The last was in a sense abrupt to Romney. He had been so absorbed in the whole game of these passionate nationalists, that the life and death end of it for the one caught had been put aside from his mind for the moment.

Minglapo arose and drew a goblet of water from the cooler, opened the lacquer box, took forth a small metal case which contained a long needle.

The pressure of it all was now a trifle heavy, even for the well-repressed American. The excellence of physical manhood manifested in the whole affair did not take away entirely the fact that the spy was about to be murdered. Romney felt he could not stay. His head turned to Minglapo and back to Nifton Bend. Their faces were expressionless and half averted. They would have accepted a reversal that meant death to them, with the same external calm that characterized the manner of the spy.... Yet the American could not lift. He was no stranger to the various fashions of brutality, but the temptation to pluck the stupor needle from the hand of Minglapo was well nigh overpowering. The unoccupied hand of the master was now held out toward the servant as if to take his arm. Very slowly the spy's hand lifted from his side, the palm toward Minglapo's, moving forward as one would grope in the dark. Over his face was that same eternal quietude like a faint reflection of day in the sky at evening.

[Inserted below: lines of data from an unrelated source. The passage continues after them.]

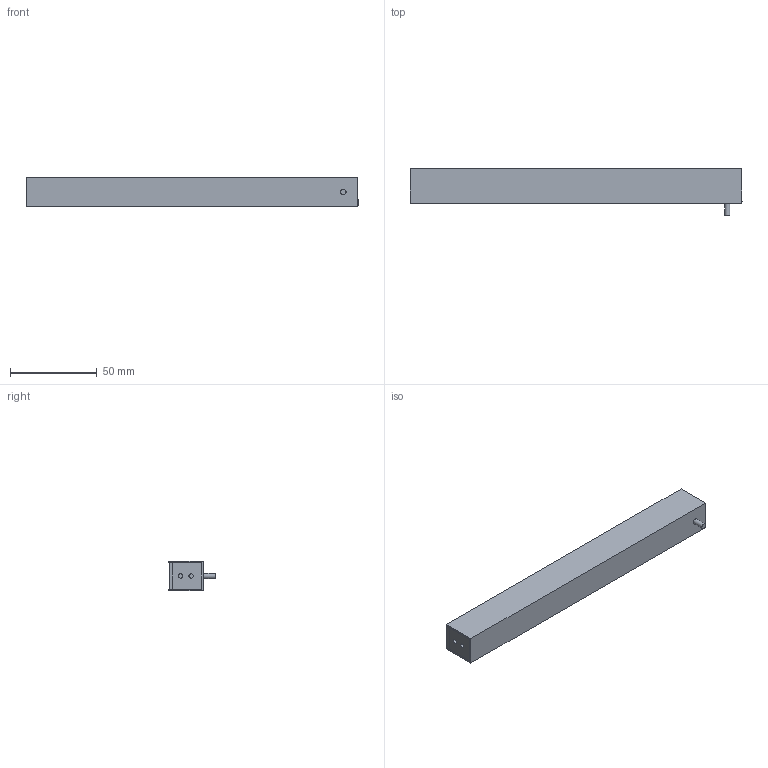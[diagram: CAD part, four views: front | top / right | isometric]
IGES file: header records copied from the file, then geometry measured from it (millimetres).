
Global section: file name: 153-00756_LB 180 xD-24-KFL5; native system: Autodesk Inventor 2018; preprocessor: unknown; author: ss; date: 20180726.090946; units: millimetre
Bounding box: 191 x 27 x 17.2 mm (x, y, z)
Volume: 63881.9 mm3; surface area: 29565 mm2
Topology: 1 solids, 1 shells, 38 faces, 96 edges, 68 vertices
Faces by surface type: bspline 38
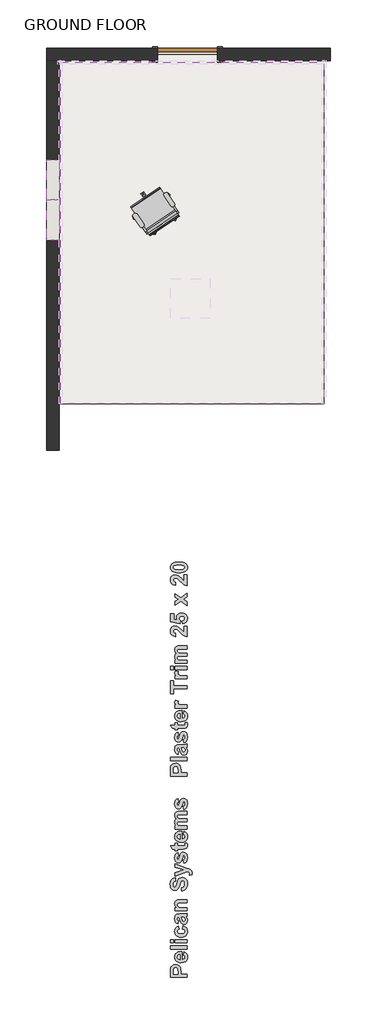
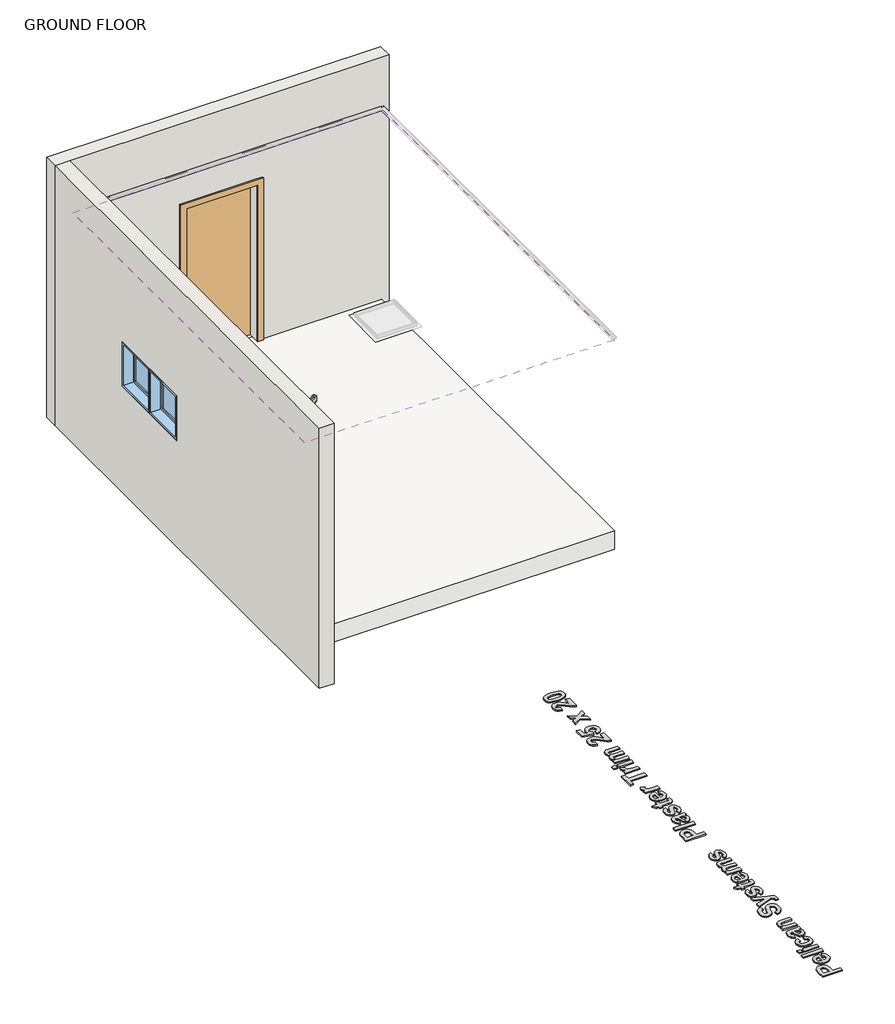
# One storey, part 1 of 2: 2 walls, 2 windows, 1 covering, 1 door, 1 furniture element, 1 proxy, 1 slab.
"""IFC4 building model written with IfcOpenShell, lengths in millimetres."""

from ifc_helpers import new_model, si_unit, frame, origin, origin_with_axes, place, context, project, spatial, polyline, outline, extrude, faceted_brep, transform, mapped, element, save
from components import m_single_flush_0915_x_2134mm_f5238887, chair_task_arms_chair_task_arms_3b363349, m_fixed_0610_x_0610mm_09852ef8

model = new_model("IFC4")

# Units and contexts
model_context = context("Model", 3, world=origin())
ifc_project = project(units=[si_unit("LENGTHUNIT", "METRE", prefix="MILLI")], contexts=[model_context])

# Site, building, storey
site = spatial("IfcSite", under=ifc_project)
building = spatial("IfcBuilding", under=site)
storey = spatial("IfcBuildingStorey", under=building, Name="GROUND FLOOR", Elevation=0.0)

# Proxy
placement = place(None, origin())
element("IfcBuildingElementProxy", 1, Name="600mm Arial", ObjectType="600mm Arial", at=placement, inside=storey, context=model_context, shape_type="SweptSolid", body=[
    extrude(outline(polyline([(114889.8852592, 28315.8799611), (114634.8204092, 28315.8799611), (114634.8204092, 28398.0548718), (114638.6160171, 28458.9743784), (114647.6701234, 28479.0199326), (114663.4456187, 28495.5071043), (114685.3573467, 28506.5380898), (114712.8201513, 28510.2150849), (114734.3048734, 28508.0563329), (114752.0730629, 28501.580077), (114766.2749624, 28491.7747566), (114777.0608148, 28479.6288113), (114789.1118698, 28452.5851052), (114792.7176973, 28398.4976928), (114792.7176973, 28364.4637421), (114889.8852592, 28364.4637421), (114889.8852592, 28315.8799611)]), holes=[polyline([(114679.3555418, 28364.4637421), (114748.1825648, 28364.4637421), (114748.1825648, 28394.6388248), (114744.3869569, 28438.1934253), (114732.4624221, 28455.400181), (114723.6771714, 28460.0735232), (114713.5792729, 28461.631304), (114701.5124028, 28459.4409219), (114691.7545275, 28452.8697757), (114684.764283, 28442.9616577), (114681.0003052, 28430.7603598), (114679.3555418, 28391.0962574), (114679.3555418, 28364.4637421)])]), origin_with_axes(), (0.0, 0.0, 1.0), 15.0),
    extrude(outline(polyline([(114833.2041814, 28655.9664278), (114841.3014783, 28704.5502087), (114863.9723279, 28692.7205641), (114880.4911297, 28675.5770685), (114890.5732131, 28653.2936872), (114893.9339076, 28626.0443856), (114891.9530748, 28604.0417211), (114886.0105762, 28585.0992655), (114876.1064118, 28569.2170187), (114862.2405818, 28556.3949809), (114833.5362971, 28543.0154631), (114798.1580686, 28538.5556238), (114776.3175082, 28540.0343294), (114756.975723, 28544.4704461), (114740.132713, 28551.8639739), (114725.7884782, 28562.2149129), (114714.3304869, 28574.8274017), (114706.1462074, 28589.0055786), (114701.2356397, 28604.7494438), (114699.5987838, 28622.0589973), (114701.2791311, 28641.294031), (114706.3201728, 28658.3861278), (114714.721909, 28673.3352876), (114726.4843397, 28686.1415105), (114741.7181701, 28696.3461604), (114760.5341054, 28703.4906015), (114782.9321457, 28707.5748337), (114808.912291, 28708.5988571), (114808.912291, 28587.1394047), (114829.3769435, 28590.2549662), (114844.7175254, 28598.5894885), (114854.3014353, 28610.8777691), (114857.4960719, 28625.8546052), (114856.0569039, 28636.0553014), (114851.7393999, 28644.516344), (114844.2272593, 28651.1744728), (114833.2041814, 28655.9664278)]), holes=[polyline([(114780.5717521, 28660.0150762), (114761.3643947, 28657.057665), (114747.3918131, 28649.1975937), (114738.8754179, 28637.77914), (114736.0366195, 28624.1465816), (114739.0256607, 28609.7549017), (114747.9927844, 28598.0834075), (114762.1472388, 28590.4289316), (114780.5717521, 28587.9617864), (114780.5717521, 28660.0150762)])]), origin_with_axes(), (0.0, 0.0, 1.0), 15.0),
    extrude(outline(polyline([(114889.8852592, 28745.0366928), (114634.8204092, 28745.0366928), (114634.8204092, 28793.6204738), (114889.8852592, 28793.6204738), (114889.8852592, 28745.0366928)])), origin_with_axes(), (0.0, 0.0, 1.0), 15.0),
    extrude(outline(polyline([(114679.3555418, 28842.2042547), (114634.8204092, 28842.2042547), (114634.8204092, 28890.7880357), (114679.3555418, 28890.7880357), (114679.3555418, 28842.2042547)])), origin_with_axes(), (0.0, 0.0, 1.0), 15.0),
    extrude(outline(polyline([(114889.8852592, 28842.2042547), (114703.6474322, 28842.2042547), (114703.6474322, 28890.7880357), (114889.8852592, 28890.7880357), (114889.8852592, 28842.2042547)])), origin_with_axes(), (0.0, 0.0, 1.0), 15.0),
    extrude(outline(polyline([(114756.2798616, 29093.2204563), (114764.3771584, 29044.6366754), (114752.0177102, 29040.9122351), (114743.1533843, 29034.2936439), (114737.8158107, 29025.0181271), (114736.0366195, 29013.3229103), (114739.3735915, 28997.9190683), (114749.3845073, 28985.9945335), (114767.2080493, 28978.3558726), (114793.9828999, 28975.8096523), (114823.6677166, 28978.4586703), (114843.1360221, 28986.4057244), (114853.9060595, 28998.8126176), (114857.4960719, 29014.8411534), (114855.4480252, 29026.9791912), (114849.3038849, 29036.6975289), (114838.1463792, 29043.9487214), (114821.0582362, 29048.6853238), (114829.155533, 29097.2691047), (114857.298384, 29086.6334951), (114877.5811636, 29069.2764966), (114889.8457216, 29045.0399587), (114893.9339076, 29013.7657312), (114892.324728, 28994.9992178), (114887.4971892, 28978.2372599), (114879.4512913, 28963.4798573), (114868.1870341, 28950.7270102), (114854.0800248, 28940.445262), (114837.5058704, 28933.1011561), (114818.4645708, 28928.6946926), (114796.9561261, 28927.2258714), (114775.2045253, 28928.6848082), (114756.0030985, 28933.0616185), (114739.3518458, 28940.3563024), (114725.2507671, 28950.5688599), (114714.0280244, 28963.272285), (114706.0117796, 28978.039572), (114701.2020328, 28994.8707207), (114699.5987838, 29013.7657312), (114703.1018136, 29043.007727), (114713.6109029, 29065.5757789), (114731.2842022, 29082.1024882), (114756.2798616, 29093.2204563)])), origin_with_axes(), (0.0, 0.0, 1.0), 15.0),
    extrude(outline(polyline([(114760.32851, 29174.1934246), (114752.2312132, 29129.658292), (114728.8882247, 29139.3133696), (114712.5038506, 29154.1083328), (114702.8250505, 29175.6721301), (114699.5987838, 29205.6337099), (114701.5519404, 29232.7248612), (114707.4114101, 29251.876866), (114716.2678285, 29264.8135629), (114727.2118312, 29273.2587904), (114744.220899, 29277.9084101), (114771.2725127, 29279.4582833), (114828.7127121, 29279.4582833), (114864.8975073, 29282.0203186), (114889.8852592, 29291.6042285), (114889.8852592, 29243.0204476), (114874.4497871, 29238.4657181), (114868.3135544, 29236.7576946), (114887.5130043, 29210.7577805), (114892.3286818, 29196.4451758), (114893.9339076, 29181.2152991), (114890.035502, 29156.4410502), (114878.3402852, 29137.5341784), (114860.6986161, 29125.554291), (114838.9608534, 29121.5609952), (114824.0630924, 29123.3401864), (114810.873355, 29128.67776), (114799.9767974, 29137.2257852), (114791.9585757, 29148.6363315), (114780.5084919, 29185.6435083), (114768.4258068, 29230.8745023), (114763.3017362, 29230.8745023), (114750.68134, 29229.3641667), (114742.2993725, 29224.8331598), (114737.6023078, 29216.1269842), (114736.0366195, 29202.0911425), (114737.3808973, 29192.0169666), (114741.4137307, 29184.4415659), (114760.32851, 29174.1934246)]), holes=[polyline([(114804.8636425, 29230.8745023), (114811.6008465, 29203.4828654), (114819.2869525, 29178.9379344), (114826.1981219, 29172.3430657), (114834.7856847, 29170.1447761), (114843.3969701, 29171.9081523), (114850.7588679, 29177.1982808), (114855.8117709, 29185.2085949), (114857.4960719, 29195.1325281), (114855.5350078, 29207.0412478), (114849.6518156, 29218.3489963), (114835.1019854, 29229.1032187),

That tableau seemed immortally fixed in Romney's mind. He leaned forward, his hands gripping his ankles as he sat.... Suddenly the principal was plucked from the centre of things. It was the queerest extraction—a sort of side-lurching as if the spy's body had been hurled past....

A quick shot from Nifton Bend at Romney's left—the voice of Minglapo in English—then a crash of glass and frame as the body of the spy hurled itself through the forward casement.

"Your work, Friend Romney. Get him, or all is ruined!" this from Minglapo.

As he darted across the room Romney realised that it did appear to be his work, that the house-servants were not to be trusted, that Minglapo was fat and the General maimed from birth. He dove through the pearl casement, somewhat enlarging the opening the other had made, and the street took him—a stunning impact. Then came a curious realisation of the freshness of evening.

The spy was up and away, the American following at a pace not adjusted to distance, a sprint which could not have lasted two hundred yards.

7

A boy runs, an animal runs, but a white man cannot preserve his esteem chasing a native through a Chinese street. Still the words of Minglapo rang in his ears—"Your work, Romney. Get him or all is ruined."